*** Opening of Data ***
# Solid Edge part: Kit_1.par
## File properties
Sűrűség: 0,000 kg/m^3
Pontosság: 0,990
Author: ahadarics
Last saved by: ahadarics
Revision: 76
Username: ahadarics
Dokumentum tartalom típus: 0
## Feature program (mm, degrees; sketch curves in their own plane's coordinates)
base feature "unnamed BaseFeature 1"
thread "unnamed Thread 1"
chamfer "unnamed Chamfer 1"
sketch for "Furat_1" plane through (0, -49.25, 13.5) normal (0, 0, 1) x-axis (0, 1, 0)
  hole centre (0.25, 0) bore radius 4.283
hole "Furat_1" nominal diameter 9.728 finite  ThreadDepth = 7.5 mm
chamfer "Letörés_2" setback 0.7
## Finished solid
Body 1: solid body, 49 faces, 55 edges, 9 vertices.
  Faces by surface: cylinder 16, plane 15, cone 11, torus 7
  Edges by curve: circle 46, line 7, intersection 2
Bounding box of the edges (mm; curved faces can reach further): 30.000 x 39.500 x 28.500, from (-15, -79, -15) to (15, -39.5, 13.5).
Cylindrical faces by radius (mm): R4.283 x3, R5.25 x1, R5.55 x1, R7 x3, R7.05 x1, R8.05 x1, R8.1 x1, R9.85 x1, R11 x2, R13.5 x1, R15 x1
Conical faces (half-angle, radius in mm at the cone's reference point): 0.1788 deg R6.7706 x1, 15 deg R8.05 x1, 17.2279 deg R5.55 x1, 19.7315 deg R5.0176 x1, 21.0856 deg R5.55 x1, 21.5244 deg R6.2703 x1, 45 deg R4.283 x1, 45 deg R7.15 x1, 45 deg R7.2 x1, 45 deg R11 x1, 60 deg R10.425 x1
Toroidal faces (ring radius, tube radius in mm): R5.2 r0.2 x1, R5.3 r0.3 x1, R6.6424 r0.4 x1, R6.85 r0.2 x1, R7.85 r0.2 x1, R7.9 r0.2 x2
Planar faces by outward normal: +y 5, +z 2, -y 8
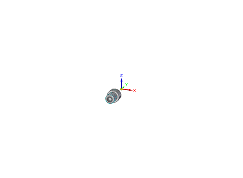
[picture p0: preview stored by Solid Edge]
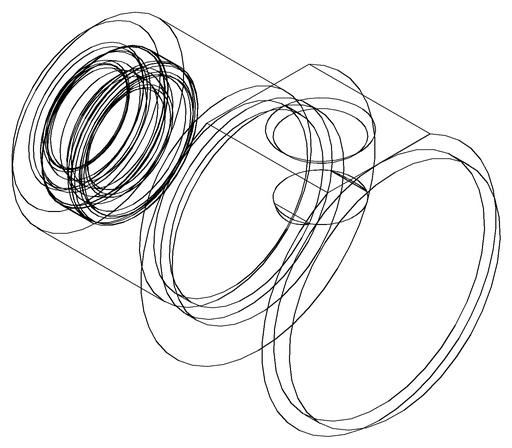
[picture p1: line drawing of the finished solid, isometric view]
*** Close of Data ***
Exercise ▸ Reproduce the whole listing above word for word, but not its pictures.

Written solution ▸
# Solid Edge part: Kit_1.par
## File properties
Sűrűség: 0,000 kg/m^3
Pontosság: 0,990
Author: ahadarics
Last saved by: ahadarics
Revision: 76
Username: ahadarics
Dokumentum tartalom típus: 0
## Feature program (mm, degrees; sketch curves in their own plane's coordinates)
base feature "unnamed BaseFeature 1"
thread "unnamed Thread 1"
chamfer "unnamed Chamfer 1"
sketch for "Furat_1" plane through (0, -49.25, 13.5) normal (0, 0, 1) x-axis (0, 1, 0)
  hole centre (0.25, 0) bore radius 4.283
hole "Furat_1" nominal diameter 9.728 finite  ThreadDepth = 7.5 mm
chamfer "Letörés_2" setback 0.7
## Finished solid
Body 1: solid body, 49 faces, 55 edges, 9 vertices.
  Faces by surface: cylinder 16, plane 15, cone 11, torus 7
  Edges by curve: circle 46, line 7, intersection 2
Bounding box of the edges (mm; curved faces can reach further): 30.000 x 39.500 x 28.500, from (-15, -79, -15) to (15, -39.5, 13.5).
Cylindrical faces by radius (mm): R4.283 x3, R5.25 x1, R5.55 x1, R7 x3, R7.05 x1, R8.05 x1, R8.1 x1, R9.85 x1, R11 x2, R13.5 x1, R15 x1
Conical faces (half-angle, radius in mm at the cone's reference point): 0.1788 deg R6.7706 x1, 15 deg R8.05 x1, 17.2279 deg R5.55 x1, 19.7315 deg R5.0176 x1, 21.0856 deg R5.55 x1, 21.5244 deg R6.2703 x1, 45 deg R4.283 x1, 45 deg R7.15 x1, 45 deg R7.2 x1, 45 deg R11 x1, 60 deg R10.425 x1
Toroidal faces (ring radius, tube radius in mm): R5.2 r0.2 x1, R5.3 r0.3 x1, R6.6424 r0.4 x1, R6.85 r0.2 x1, R7.85 r0.2 x1, R7.9 r0.2 x2
Planar faces by outward normal: +y 5, +z 2, -y 8
[picture p0: preview stored by Solid Edge]
[picture p1: line drawing of the finished solid, isometric view]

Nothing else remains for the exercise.